## YOUR OBJECTIVE
Quote exactly, and only, the lines of the material below from the line with "plane 8: z = 13" through the line with "Extrusion 1, solid, material".

## EXERCISE MATERIAL
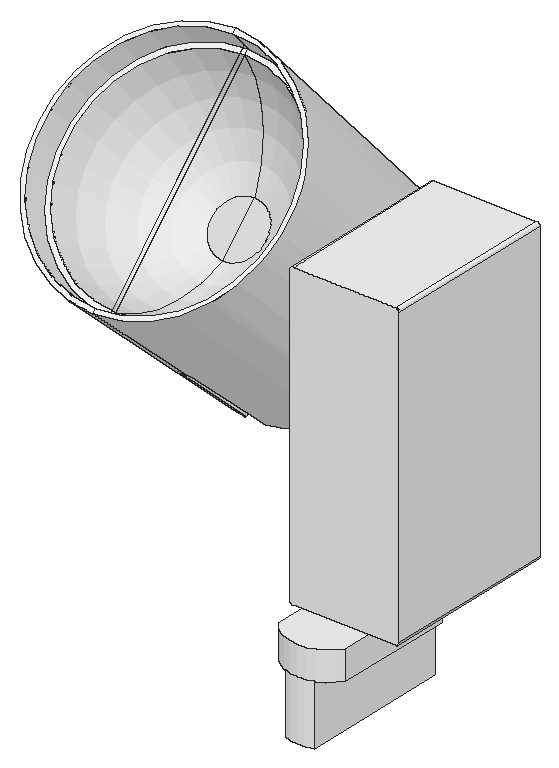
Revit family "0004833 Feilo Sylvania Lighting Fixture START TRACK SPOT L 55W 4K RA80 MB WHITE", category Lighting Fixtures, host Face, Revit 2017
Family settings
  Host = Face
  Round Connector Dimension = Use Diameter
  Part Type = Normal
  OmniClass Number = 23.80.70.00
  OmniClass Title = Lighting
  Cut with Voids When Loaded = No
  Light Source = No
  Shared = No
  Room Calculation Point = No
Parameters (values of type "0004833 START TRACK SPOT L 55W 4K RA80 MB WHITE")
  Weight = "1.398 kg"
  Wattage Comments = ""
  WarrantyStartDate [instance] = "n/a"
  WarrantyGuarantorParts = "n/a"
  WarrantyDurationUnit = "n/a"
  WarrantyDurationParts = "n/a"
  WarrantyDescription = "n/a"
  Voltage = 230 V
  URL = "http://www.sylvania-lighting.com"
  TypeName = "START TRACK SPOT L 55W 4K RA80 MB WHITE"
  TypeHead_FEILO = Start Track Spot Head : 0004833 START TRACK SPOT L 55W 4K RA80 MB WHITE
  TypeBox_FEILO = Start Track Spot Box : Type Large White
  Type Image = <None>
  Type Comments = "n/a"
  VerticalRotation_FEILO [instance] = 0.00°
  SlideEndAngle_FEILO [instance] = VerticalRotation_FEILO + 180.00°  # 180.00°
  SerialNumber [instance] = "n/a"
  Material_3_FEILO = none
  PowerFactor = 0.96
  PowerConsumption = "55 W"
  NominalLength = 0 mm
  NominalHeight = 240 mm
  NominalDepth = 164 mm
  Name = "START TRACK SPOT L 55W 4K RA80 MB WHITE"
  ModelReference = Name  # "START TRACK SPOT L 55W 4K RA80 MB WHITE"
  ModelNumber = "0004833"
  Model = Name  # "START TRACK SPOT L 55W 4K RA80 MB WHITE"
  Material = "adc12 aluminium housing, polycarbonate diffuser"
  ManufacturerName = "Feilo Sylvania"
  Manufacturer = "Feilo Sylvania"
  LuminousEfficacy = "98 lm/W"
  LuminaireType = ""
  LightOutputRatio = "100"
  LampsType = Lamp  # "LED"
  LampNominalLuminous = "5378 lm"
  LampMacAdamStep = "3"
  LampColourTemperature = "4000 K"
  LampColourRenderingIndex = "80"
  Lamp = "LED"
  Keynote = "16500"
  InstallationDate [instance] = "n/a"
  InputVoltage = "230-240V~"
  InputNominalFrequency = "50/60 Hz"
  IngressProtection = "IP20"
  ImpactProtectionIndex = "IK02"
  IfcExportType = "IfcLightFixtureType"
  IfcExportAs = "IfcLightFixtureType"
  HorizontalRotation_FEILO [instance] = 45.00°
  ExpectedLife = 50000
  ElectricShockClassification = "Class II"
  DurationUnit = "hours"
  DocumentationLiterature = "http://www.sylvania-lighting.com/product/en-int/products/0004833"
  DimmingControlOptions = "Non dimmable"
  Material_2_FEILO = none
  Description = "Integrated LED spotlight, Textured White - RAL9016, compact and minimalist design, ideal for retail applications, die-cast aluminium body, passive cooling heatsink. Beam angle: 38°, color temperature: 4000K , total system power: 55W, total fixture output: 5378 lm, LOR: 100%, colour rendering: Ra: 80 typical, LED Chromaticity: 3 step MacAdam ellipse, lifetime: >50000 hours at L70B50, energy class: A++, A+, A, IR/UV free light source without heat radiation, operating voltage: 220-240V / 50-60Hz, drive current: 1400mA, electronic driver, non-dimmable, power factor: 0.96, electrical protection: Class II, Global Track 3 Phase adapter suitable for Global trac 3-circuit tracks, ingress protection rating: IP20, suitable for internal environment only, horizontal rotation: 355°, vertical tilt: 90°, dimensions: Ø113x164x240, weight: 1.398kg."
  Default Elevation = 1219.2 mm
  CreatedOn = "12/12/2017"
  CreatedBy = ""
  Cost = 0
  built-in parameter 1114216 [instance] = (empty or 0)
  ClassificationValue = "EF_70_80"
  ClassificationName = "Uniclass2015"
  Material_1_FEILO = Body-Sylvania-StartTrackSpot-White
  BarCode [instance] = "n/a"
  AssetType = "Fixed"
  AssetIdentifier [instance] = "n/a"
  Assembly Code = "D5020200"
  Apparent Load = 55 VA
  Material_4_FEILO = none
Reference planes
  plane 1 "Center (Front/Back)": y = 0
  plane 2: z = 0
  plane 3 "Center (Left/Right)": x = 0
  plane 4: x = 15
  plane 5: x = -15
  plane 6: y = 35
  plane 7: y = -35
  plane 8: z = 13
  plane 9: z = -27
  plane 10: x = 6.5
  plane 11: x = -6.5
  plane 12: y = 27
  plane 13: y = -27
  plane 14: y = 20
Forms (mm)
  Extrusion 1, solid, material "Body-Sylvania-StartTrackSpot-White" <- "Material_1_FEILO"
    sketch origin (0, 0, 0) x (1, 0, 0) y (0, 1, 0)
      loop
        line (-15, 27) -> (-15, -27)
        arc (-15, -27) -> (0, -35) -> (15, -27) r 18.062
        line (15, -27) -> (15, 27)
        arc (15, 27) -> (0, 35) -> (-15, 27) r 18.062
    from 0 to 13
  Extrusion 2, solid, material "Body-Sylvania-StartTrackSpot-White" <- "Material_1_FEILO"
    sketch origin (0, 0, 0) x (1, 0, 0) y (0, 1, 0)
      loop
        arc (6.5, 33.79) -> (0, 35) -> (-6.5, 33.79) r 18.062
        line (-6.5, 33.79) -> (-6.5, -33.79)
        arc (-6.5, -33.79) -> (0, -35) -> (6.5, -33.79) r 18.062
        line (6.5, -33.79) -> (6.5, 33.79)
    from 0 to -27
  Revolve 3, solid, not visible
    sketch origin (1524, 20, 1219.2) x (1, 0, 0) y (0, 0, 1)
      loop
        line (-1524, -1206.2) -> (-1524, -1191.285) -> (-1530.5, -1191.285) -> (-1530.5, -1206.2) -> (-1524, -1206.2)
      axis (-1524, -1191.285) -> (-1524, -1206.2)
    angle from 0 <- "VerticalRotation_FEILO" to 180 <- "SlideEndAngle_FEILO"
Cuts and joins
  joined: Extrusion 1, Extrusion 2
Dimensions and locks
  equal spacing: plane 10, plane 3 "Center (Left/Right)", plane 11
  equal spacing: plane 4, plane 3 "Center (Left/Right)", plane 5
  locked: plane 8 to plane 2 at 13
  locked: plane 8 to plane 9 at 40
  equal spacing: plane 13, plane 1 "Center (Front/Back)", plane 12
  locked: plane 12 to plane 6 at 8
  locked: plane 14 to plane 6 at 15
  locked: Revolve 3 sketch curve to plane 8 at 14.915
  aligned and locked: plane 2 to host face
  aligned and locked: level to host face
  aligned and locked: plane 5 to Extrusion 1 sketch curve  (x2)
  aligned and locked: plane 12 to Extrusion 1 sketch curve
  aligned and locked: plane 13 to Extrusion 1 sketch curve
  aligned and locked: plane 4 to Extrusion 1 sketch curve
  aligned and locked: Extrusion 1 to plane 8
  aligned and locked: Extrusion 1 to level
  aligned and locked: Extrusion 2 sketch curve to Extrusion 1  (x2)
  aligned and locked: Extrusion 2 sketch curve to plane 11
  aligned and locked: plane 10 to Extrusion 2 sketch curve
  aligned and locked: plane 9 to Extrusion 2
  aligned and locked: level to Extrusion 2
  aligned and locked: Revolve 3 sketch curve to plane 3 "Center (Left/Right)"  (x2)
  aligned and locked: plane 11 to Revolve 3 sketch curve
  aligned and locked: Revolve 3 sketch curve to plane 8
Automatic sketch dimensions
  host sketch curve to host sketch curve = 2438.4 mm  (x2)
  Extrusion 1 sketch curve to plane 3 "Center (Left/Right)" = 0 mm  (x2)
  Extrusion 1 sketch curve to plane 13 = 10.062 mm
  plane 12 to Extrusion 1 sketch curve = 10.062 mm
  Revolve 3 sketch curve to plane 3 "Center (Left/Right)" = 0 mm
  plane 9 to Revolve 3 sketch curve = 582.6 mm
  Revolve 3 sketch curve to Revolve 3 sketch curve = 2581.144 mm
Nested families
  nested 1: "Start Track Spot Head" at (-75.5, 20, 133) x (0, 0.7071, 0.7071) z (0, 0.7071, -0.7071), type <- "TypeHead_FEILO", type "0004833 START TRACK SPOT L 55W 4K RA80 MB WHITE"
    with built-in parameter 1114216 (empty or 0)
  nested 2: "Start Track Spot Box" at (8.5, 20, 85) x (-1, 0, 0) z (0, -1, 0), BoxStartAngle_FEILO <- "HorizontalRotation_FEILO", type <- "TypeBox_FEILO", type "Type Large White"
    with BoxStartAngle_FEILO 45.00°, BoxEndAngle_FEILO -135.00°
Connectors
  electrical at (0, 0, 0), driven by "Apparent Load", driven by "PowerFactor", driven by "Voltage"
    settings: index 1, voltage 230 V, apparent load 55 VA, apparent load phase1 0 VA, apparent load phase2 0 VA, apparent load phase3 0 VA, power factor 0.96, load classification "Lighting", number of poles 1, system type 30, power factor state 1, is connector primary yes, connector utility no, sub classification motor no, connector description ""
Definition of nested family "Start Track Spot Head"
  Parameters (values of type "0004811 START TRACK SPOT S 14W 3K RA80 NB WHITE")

## RESULT FOR THIS EXERCISE
  plane 8: z = 13
  plane 9: z = -27
  plane 10: x = 6.5
  plane 11: x = -6.5
  plane 12: y = 27
  plane 13: y = -27
  plane 14: y = 20
Forms (mm)
  Extrusion 1, solid, material "Body-Sylvania-StartTrackSpot-White" <- "Material_1_FEILO"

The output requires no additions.